The hall had now stopped panicking, as most of the tricks lost effect and everyone was snapping pictures of the twins, both of whom were curtsying and giving very feminine like waves to the crowd. Ginny had fallen off of Hermione’s shoulder (she’d hopped off Draco’s as soon as he headed for the twins) and was rolling around on the floor, now in human form.

“Nice one, Uncle Sev,” Draco complimented, snapping a picture of Fred and George.

“Thank you,” the man smirked. “I think it quite does them justice.”

As soon as the charms had worn off, Fred and George made a formal announcement. “Thank you Hogwarts,” Fred shouted to loud cheering.

“We truly appreciated your cooperation-”

“-in the testing of our new products.”

“A list of new items is posted in every-”

“-Common Room and we hope you’ll visit us soon.”

In puffs of smoke, both twins once more disappeared, wanting to make a quick exit and not be hoarded by their adoring fans.

Once the Hall was quiet once more, students eating and talking, Dumbledore stood up to make an announcement. “I’m sure you all quite enjoyed seeing our old students back again. But I must remind you to not attempt to use the tricks on teachers or staff. And by the order of Mr. Filch, no Mud Splats are allowed inside of Hogwarts.” A collective groan rose and Dumbledore simply smiled. “Tonight, I also advise you stay within the castle…a large storm is heading this way. Nothing as bad as the last one we had, I can assure, you, but still quite strong.”

Hermione looked over at Draco, who had suddenly gone slightly paler. “Are you ready?” she asked, reaching over Harry and giving his hand a small squeeze.

“No,” he muttered. “Do we have to?”

“Yes. We made a deal.”

“Well…who’s going to watch Harry?”

Hermione turned to Ginny. “Hey Gin? Do you think you could watch Harry tonight? Draco and I have something to do.”
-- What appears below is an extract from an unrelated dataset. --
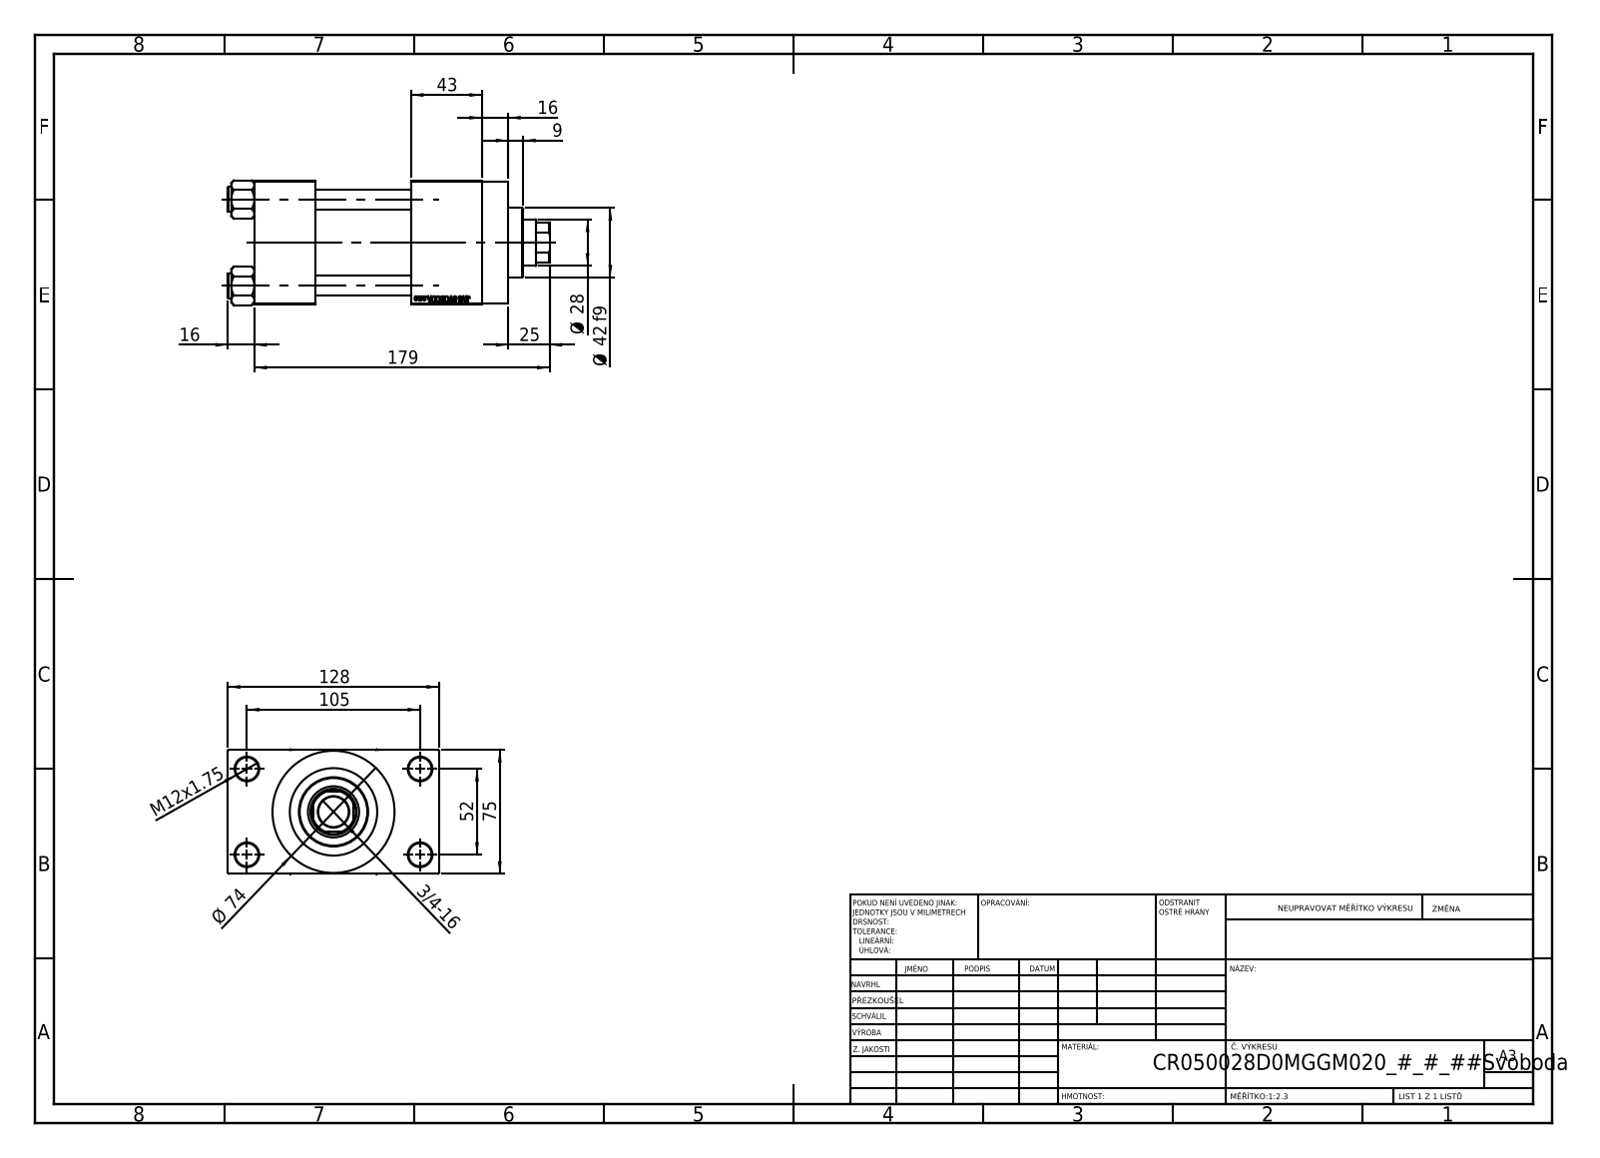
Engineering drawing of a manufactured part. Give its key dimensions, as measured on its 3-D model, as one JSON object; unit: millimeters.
{"part_name": "V215_VC_A; NUT_M5_D; V215CR_D_TYCINKA; V215CR_D_Body (+1 more)", "step_written_by": "SolidWorks 2019 (CONFIG_CONTROL_DESIGN)", "units": "millimeters", "bodies": {"solids": 11, "faces": 1104, "planar": 497, "cylindrical": 89, "other": 518}, "overall_size": [195, 128, 75.54], "volume_mm3": 815231, "surface_area_mm2": 168868, "round_holes": [[12, 4], [14, 4], [7, 2], [20.96, 2], [30, 2], [18.5, 1], [28, 1], [31, 1], [41, 1], [50, 1], [53, 1]], "round_bosses_or_shafts": [[15, 4], [74, 1], [56, 1], [42, 1]], "partial_cylinders_radius": [[13.5, 1]], "face_to_face_distances": [75, 58, 37, 95, 26.5, 101.5, 138, 101, 43, 16], "hole_center_spacings": [26.35, 36.98, 52.3, 58.43, 58.59, 78.65, 94.37, 52]}

“Something to do?” the girl asked raising an eyebrow. “Is this anything you don’t want Harry to see?”

“Oh no,” Hermione exclaimed, thankful Draco was talking to Terry and hadn’t heard Ginny. “We’re going outside to sit in the storm and I don’t really think Harry should be out…it’ll be way past his bedtime.”
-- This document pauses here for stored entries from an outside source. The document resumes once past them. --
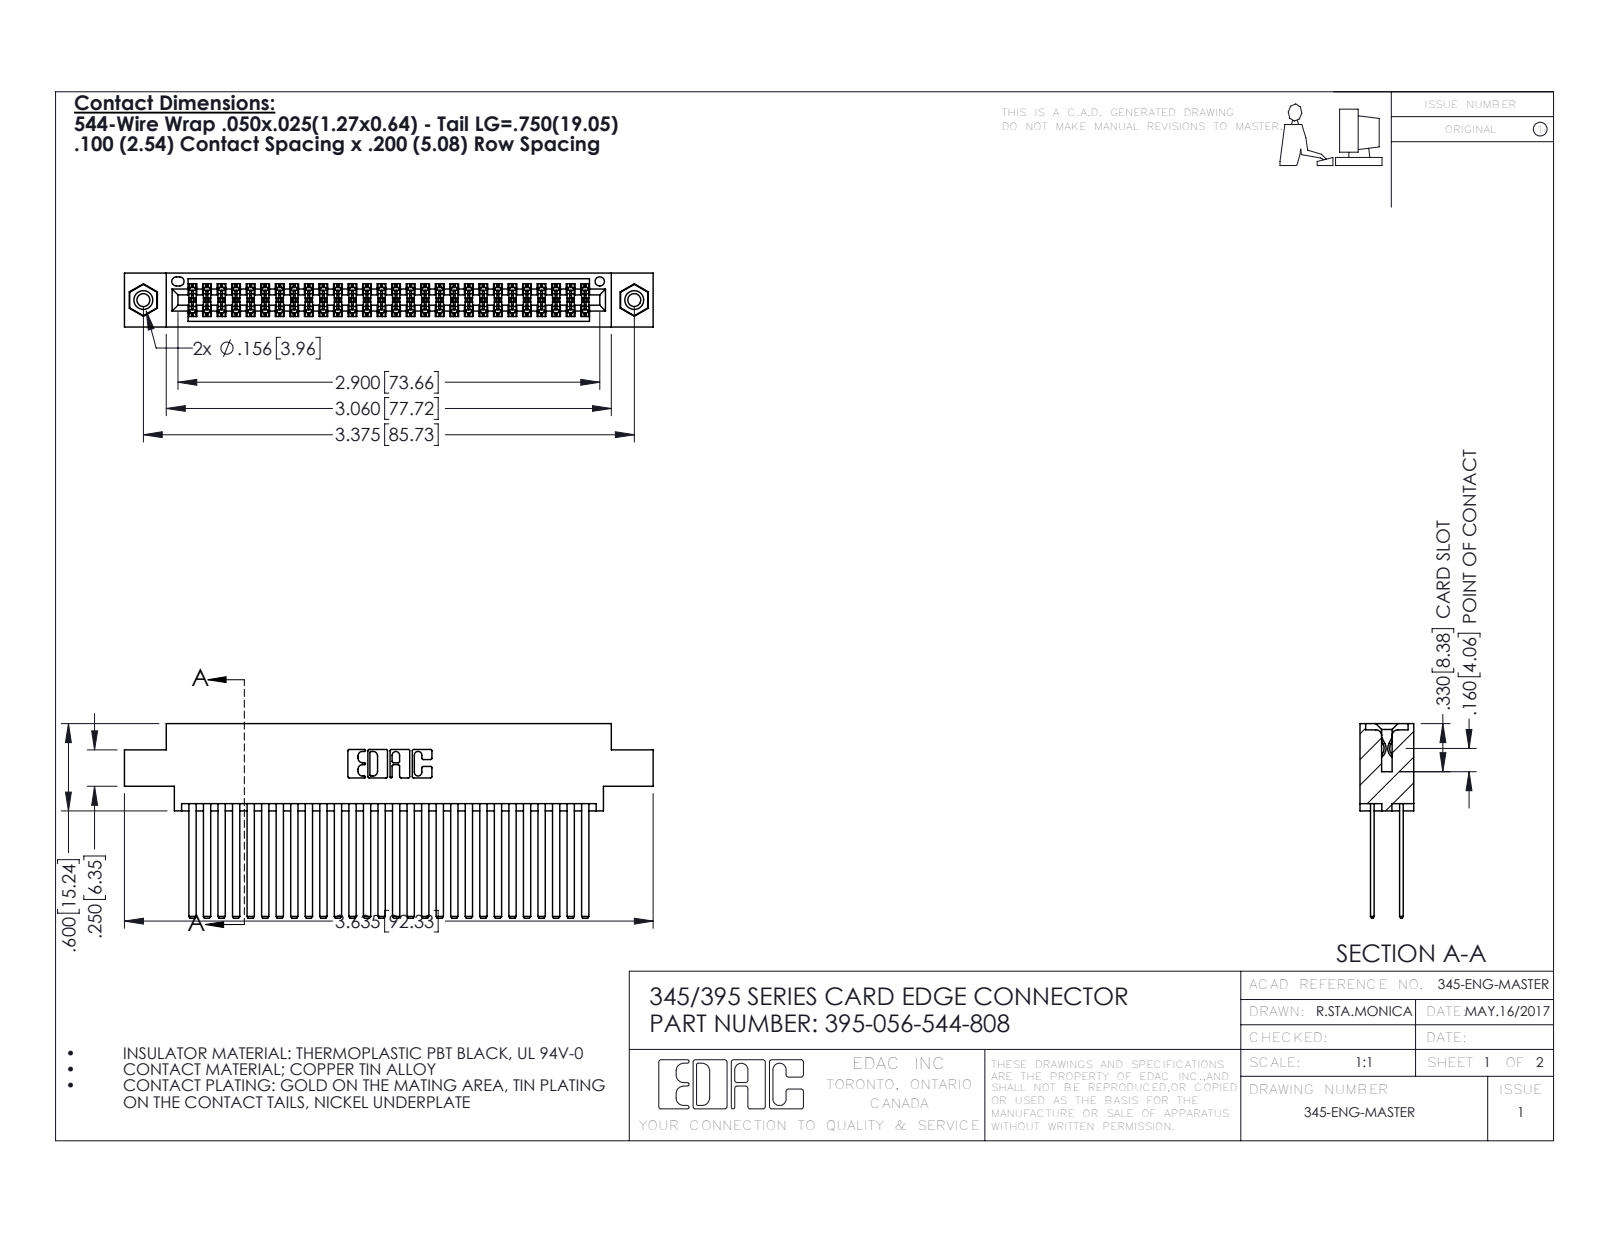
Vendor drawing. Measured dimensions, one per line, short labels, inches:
name: 345-250-001_345-250-003-102; 345 Part_0.170 Offset - 0.156 Dia-TI; 395-056-544-808; 345-292-001_345-293-144
written by: SolidWorks 2016 (CONFIG_CONTROL_DESIGN)
unit: in
bodies: 59 solids, 2654 faces (1740 planar, 898 cylindrical, 16 other)
size: 3.635 × 1.337 × 0.37
volume: 0.58 in³; area: 25.16 in²
holes: 2× ⌀0.089, 2× ⌀0.125, 2× ⌀0.156, 1× ⌀0.064
bosses: 2× ⌀0.155
rounds: 84× R0.006, 22× R0.01, 6× R0.007, 6× R0.031, 3× R0.026, 2× R0.014, 2× R0.019, 2× R0.022
face distances: 0.2, 0.025, 0.072, 0.298, 0.098, 0.272, 0.225, 0.175, 0.37, 0.15
hole spacings: 0.27, 3.14, 3.375

“I’m sorry, Mione,” Ginny apologized. “I have a huge essay to do for McGonagall and I really need to concentrate on it.”

“That’s all right.” In her head, Hermione went over other possible babysitters. Blaise and Pansy? No, they had retired to their rooms already and might be asleep. Lavender and Terry? Nope, Ron was out sick and she didn’t want Harry to catch anything. So who could watch Harry?

“I have someone in mind,” smirked Draco, noticing the thoughtful look on Hermione’s face.

“Who?”

He grinned devilishly. “You’ll have to wait and see.”